Structure is Essential When You’re Stuck at Home

Maybe you’re having cabin fever while following the Covid-19 “shelter-in-place” order. But imagine what astronaut Scott Kelly went through during his year living on the International Space Station. That was real confinement! Recently he offered some practical tips for staying sane in long-term isolation. His advice can be summed up as: keep to a daily routine.
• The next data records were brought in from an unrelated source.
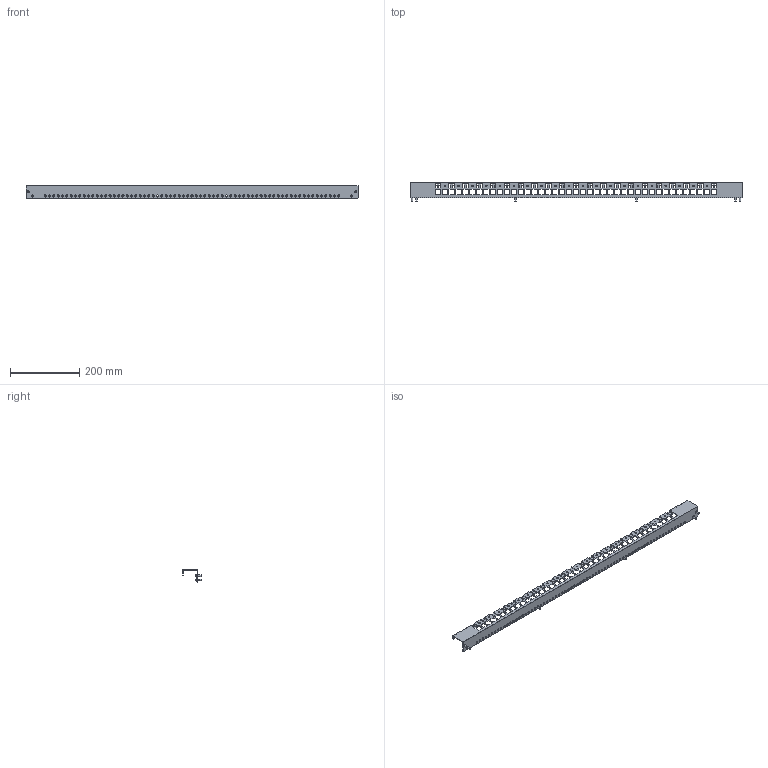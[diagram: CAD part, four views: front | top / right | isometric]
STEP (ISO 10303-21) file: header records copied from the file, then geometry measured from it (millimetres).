
FILE_DESCRIPTION(('Open CASCADE Model'),'2;1');
FILE_NAME('Open CASCADE Shape Model','2025-02-21T17:27:14',('Author'),( 'Open CASCADE'),'Open CASCADE STEP processor 7.8','Open CASCADE 7.8' ,'Unknown');
FILE_SCHEMA(('AUTOMOTIVE_DESIGN { 1 0 10303 214 1 1 1 1 }'));
Length unit declared in the file: millimetre
Products named in the file (3): Compound1; Solid1; Solid2
Assembly tree (7 placements, depth 2):
  Compound1
    Solid1
    Solid2  x6
Bounding box: 962 x 53.5 x 35 mm (x, y, z)
Volume: 140834.7 mm3; surface area: 158274.2 mm2
Topology: 7 solids, 7 shells, 737 faces, 2312 edges, 1553 vertices
Faces by surface type: plane 576, cylinder 125, torus 12, cone 12, sphere 6, bspline 6
Full cylindrical faces by diameter (mm): 4.4 x40, 5 x6, 6 x73, 9.5 x6
Entity records: 24588 total; most frequent: CARTESIAN_POINT 4779, ORIENTED_EDGE 4322, DIRECTION 3690, EDGE_CURVE 2161, LINE 1704, VECTOR 1704, VERTEX_POINT 1468, AXIS2_PLACEMENT_3D 993

Adhering to some structure while at home is probably necessary to maintain good mental and physical health at this time. It’s important for adults and especially important for children, who need structure even under normal circumstances to feel a sense of order, routine and safety. Structure means establishing and sticking to a daily schedule comprised of activities that nourish mind, body and spirit. Consider the elements of a healthful routine:

  • Exercise. Maintaining an exercise regimen helps keep you physically healthy and emotionally balanced. Your favorite gym may be closed, but it’s possible to improvise a workout with items found in your home. And unlike astronaut Kelly, you can walk or jog outside — as long as you observe social distancing.
  • Job. Working from home presents its own challenges. Stick to a regular work schedule and try do your job at a time when you are feeling the most energetic and are not likely to be disturbed. Take regular breaks — get up and stretch. Dress as you would for the office (at least from the waist up). Get comfortable with the technology you use and get the best chair you can for extended sitting. Here are other tips for managing the job at home.
  • Schoolwork. Many schools are closed for at least a month or two. Some provided children with instructional materials either on paper or online. If not, there are many educational resources available on the Web, including this list provided by National School Choice Week. Remember that  just like adults, kids need a regular schedule for doing schoolwork and taking breaks. Take time to help your children with homework.
  • Chores. Cleaning up, doing laundry, cutting the grass — every household has regular tasks to do. Since everyone is home, it’s a good time for each household member to accept responsibility for a particular chore. See these tips for establishing a more egalitarian division of labor in your home.
  • Fun and family time. A balanced routine includes regularly-scheduled fun activities — especially those the whole family can enjoy together. Of course there are TV programs and movies. But how about non-screen ideas? Get out the old board games, puzzles and coloring books. Read to each other. Check out these creative suggestions.
  • Food and Meals. Home isolation is a great opportunity for the whole family to sit down together for meals, especially dinner. Try to eat at regular times. And try to consume a balanced diet heavy on fresh fruits and vegetables, especially those that support the immune system. Remember to stay hydrated throughout the day.
  • Connect with family and friends. Take time to regularly check in with loved ones, especially older folks who may feel particularly isolated during the pandemic. Computer technology makes 2-way video communication easy. But if you or they aren’t tech-inclined, there’s always the old-fashioned telephone.
  • Sleep. Sufficient (but not too much) sleep is essential for physical and emotional well-being. So follow good sleep hygiene. Go to bed and wake up at the same time every day, at least on weekdays. Limit daytime naps to 30 minutes. Avoid stimulants, such as caffeine, close to bedtime. See other tips from the National Sleep Foundation.
  • Meditation. If you’re spiritually inclined (and even if you’re not), home quarantine provides the time to learn and enjoy the benefits of meditation or a mindfulness practice. There are many free online resources to help get you started. Here are just a couple: Learn To Meditate with Deepak Chopra and Mindfulness with Jon Kabat-Zinn.

No one knows for certain how long we’ll be required to shelter-in-place. It could be weeks or months. That’s all the more reason to get used to the “new normal” at home and to establish a healthy, balanced routine that serves everyone. It won’t always go smoothly. But meanwhile have some laughs with this Covid song parody.